## WORK REQUIRED
Every record must be repeated exactly; omit any pictures they contain.

## SUPPLIED DATA

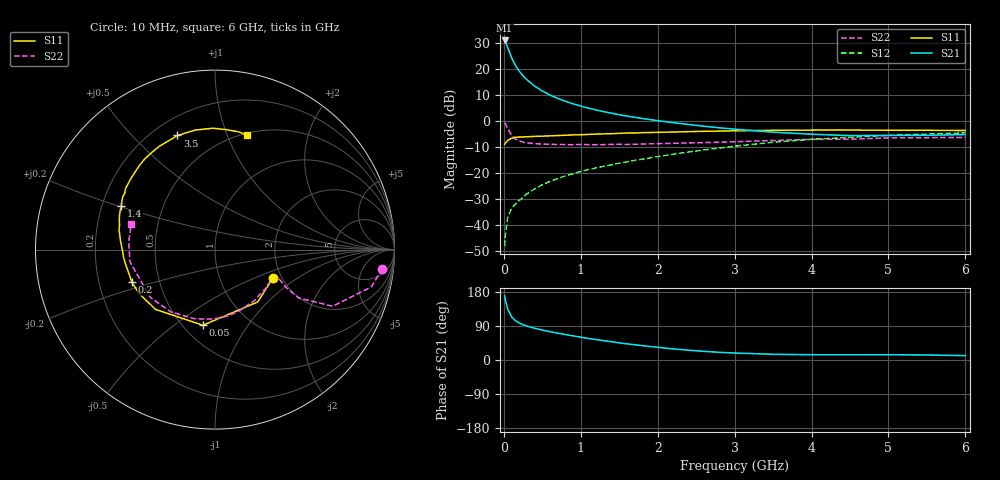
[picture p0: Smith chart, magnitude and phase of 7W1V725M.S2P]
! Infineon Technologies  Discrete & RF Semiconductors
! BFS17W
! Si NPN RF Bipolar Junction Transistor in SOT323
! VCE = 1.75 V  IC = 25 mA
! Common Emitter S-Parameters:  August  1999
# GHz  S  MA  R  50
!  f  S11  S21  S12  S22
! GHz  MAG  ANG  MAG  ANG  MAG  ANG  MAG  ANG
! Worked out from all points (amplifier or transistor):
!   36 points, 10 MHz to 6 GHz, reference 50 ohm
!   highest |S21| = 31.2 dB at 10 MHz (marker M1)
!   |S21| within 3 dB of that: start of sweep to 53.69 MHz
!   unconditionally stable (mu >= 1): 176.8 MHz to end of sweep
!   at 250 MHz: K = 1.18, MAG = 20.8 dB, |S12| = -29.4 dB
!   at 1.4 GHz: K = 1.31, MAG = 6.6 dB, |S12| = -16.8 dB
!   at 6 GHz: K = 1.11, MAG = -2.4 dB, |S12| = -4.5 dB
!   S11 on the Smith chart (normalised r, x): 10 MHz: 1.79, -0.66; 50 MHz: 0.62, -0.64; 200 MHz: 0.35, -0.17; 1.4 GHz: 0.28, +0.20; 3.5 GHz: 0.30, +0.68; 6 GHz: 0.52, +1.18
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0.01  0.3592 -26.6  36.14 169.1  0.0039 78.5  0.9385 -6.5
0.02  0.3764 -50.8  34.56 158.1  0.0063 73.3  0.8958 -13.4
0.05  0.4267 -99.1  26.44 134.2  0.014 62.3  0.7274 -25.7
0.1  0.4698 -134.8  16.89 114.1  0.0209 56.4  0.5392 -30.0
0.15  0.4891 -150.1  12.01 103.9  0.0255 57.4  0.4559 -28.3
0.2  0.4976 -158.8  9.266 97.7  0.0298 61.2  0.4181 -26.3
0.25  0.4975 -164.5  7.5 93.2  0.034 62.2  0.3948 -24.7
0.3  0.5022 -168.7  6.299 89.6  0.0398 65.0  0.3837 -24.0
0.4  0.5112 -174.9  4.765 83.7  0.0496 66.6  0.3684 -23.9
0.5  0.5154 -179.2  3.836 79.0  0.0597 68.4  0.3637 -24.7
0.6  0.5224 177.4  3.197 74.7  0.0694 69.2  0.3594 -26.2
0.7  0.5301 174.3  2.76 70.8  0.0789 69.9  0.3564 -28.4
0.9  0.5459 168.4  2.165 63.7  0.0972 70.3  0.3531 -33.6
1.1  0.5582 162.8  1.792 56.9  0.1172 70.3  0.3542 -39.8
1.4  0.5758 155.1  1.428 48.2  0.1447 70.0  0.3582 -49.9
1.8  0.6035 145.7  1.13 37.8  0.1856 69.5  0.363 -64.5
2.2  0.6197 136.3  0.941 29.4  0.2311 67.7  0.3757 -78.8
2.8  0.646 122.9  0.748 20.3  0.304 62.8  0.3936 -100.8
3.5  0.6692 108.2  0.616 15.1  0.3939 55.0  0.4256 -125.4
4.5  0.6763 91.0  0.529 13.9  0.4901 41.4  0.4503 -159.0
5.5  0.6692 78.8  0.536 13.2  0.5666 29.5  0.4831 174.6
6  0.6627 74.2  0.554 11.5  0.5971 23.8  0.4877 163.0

## TASK RESULT
[picture p0: Smith chart, magnitude and phase of 7W1V725M.S2P]
! Infineon Technologies  Discrete & RF Semiconductors
! BFS17W
! Si NPN RF Bipolar Junction Transistor in SOT323
! VCE = 1.75 V  IC = 25 mA
! Common Emitter S-Parameters:  August  1999
# GHz  S  MA  R  50
!  f  S11  S21  S12  S22
! GHz  MAG  ANG  MAG  ANG  MAG  ANG  MAG  ANG
! Worked out from all points (amplifier or transistor):
!   36 points, 10 MHz to 6 GHz, reference 50 ohm
!   highest |S21| = 31.2 dB at 10 MHz (marker M1)
!   |S21| within 3 dB of that: start of sweep to 53.69 MHz
!   unconditionally stable (mu >= 1): 176.8 MHz to end of sweep
!   at 250 MHz: K = 1.18, MAG = 20.8 dB, |S12| = -29.4 dB
!   at 1.4 GHz: K = 1.31, MAG = 6.6 dB, |S12| = -16.8 dB
!   at 6 GHz: K = 1.11, MAG = -2.4 dB, |S12| = -4.5 dB
!   S11 on the Smith chart (normalised r, x): 10 MHz: 1.79, -0.66; 50 MHz: 0.62, -0.64; 200 MHz: 0.35, -0.17; 1.4 GHz: 0.28, +0.20; 3.5 GHz: 0.30, +0.68; 6 GHz: 0.52, +1.18
0.01  0.3592 -26.6  36.14 169.1  0.0039 78.5  0.9385 -6.5
0.02  0.3764 -50.8  34.56 158.1  0.0063 73.3  0.8958 -13.4
0.05  0.4267 -99.1  26.44 134.2  0.014 62.3  0.7274 -25.7
0.1  0.4698 -134.8  16.89 114.1  0.0209 56.4  0.5392 -30.0
0.15  0.4891 -150.1  12.01 103.9  0.0255 57.4  0.4559 -28.3
0.2  0.4976 -158.8  9.266 97.7  0.0298 61.2  0.4181 -26.3
0.25  0.4975 -164.5  7.5 93.2  0.034 62.2  0.3948 -24.7
0.3  0.5022 -168.7  6.299 89.6  0.0398 65.0  0.3837 -24.0
0.4  0.5112 -174.9  4.765 83.7  0.0496 66.6  0.3684 -23.9
0.5  0.5154 -179.2  3.836 79.0  0.0597 68.4  0.3637 -24.7
0.6  0.5224 177.4  3.197 74.7  0.0694 69.2  0.3594 -26.2
0.7  0.5301 174.3  2.76 70.8  0.0789 69.9  0.3564 -28.4
0.9  0.5459 168.4  2.165 63.7  0.0972 70.3  0.3531 -33.6
1.1  0.5582 162.8  1.792 56.9  0.1172 70.3  0.3542 -39.8
1.4  0.5758 155.1  1.428 48.2  0.1447 70.0  0.3582 -49.9
1.8  0.6035 145.7  1.13 37.8  0.1856 69.5  0.363 -64.5
2.2  0.6197 136.3  0.941 29.4  0.2311 67.7  0.3757 -78.8
2.8  0.646 122.9  0.748 20.3  0.304 62.8  0.3936 -100.8
3.5  0.6692 108.2  0.616 15.1  0.3939 55.0  0.4256 -125.4
4.5  0.6763 91.0  0.529 13.9  0.4901 41.4  0.4503 -159.0
5.5  0.6692 78.8  0.536 13.2  0.5666 29.5  0.4831 174.6
6  0.6627 74.2  0.554 11.5  0.5971 23.8  0.4877 163.0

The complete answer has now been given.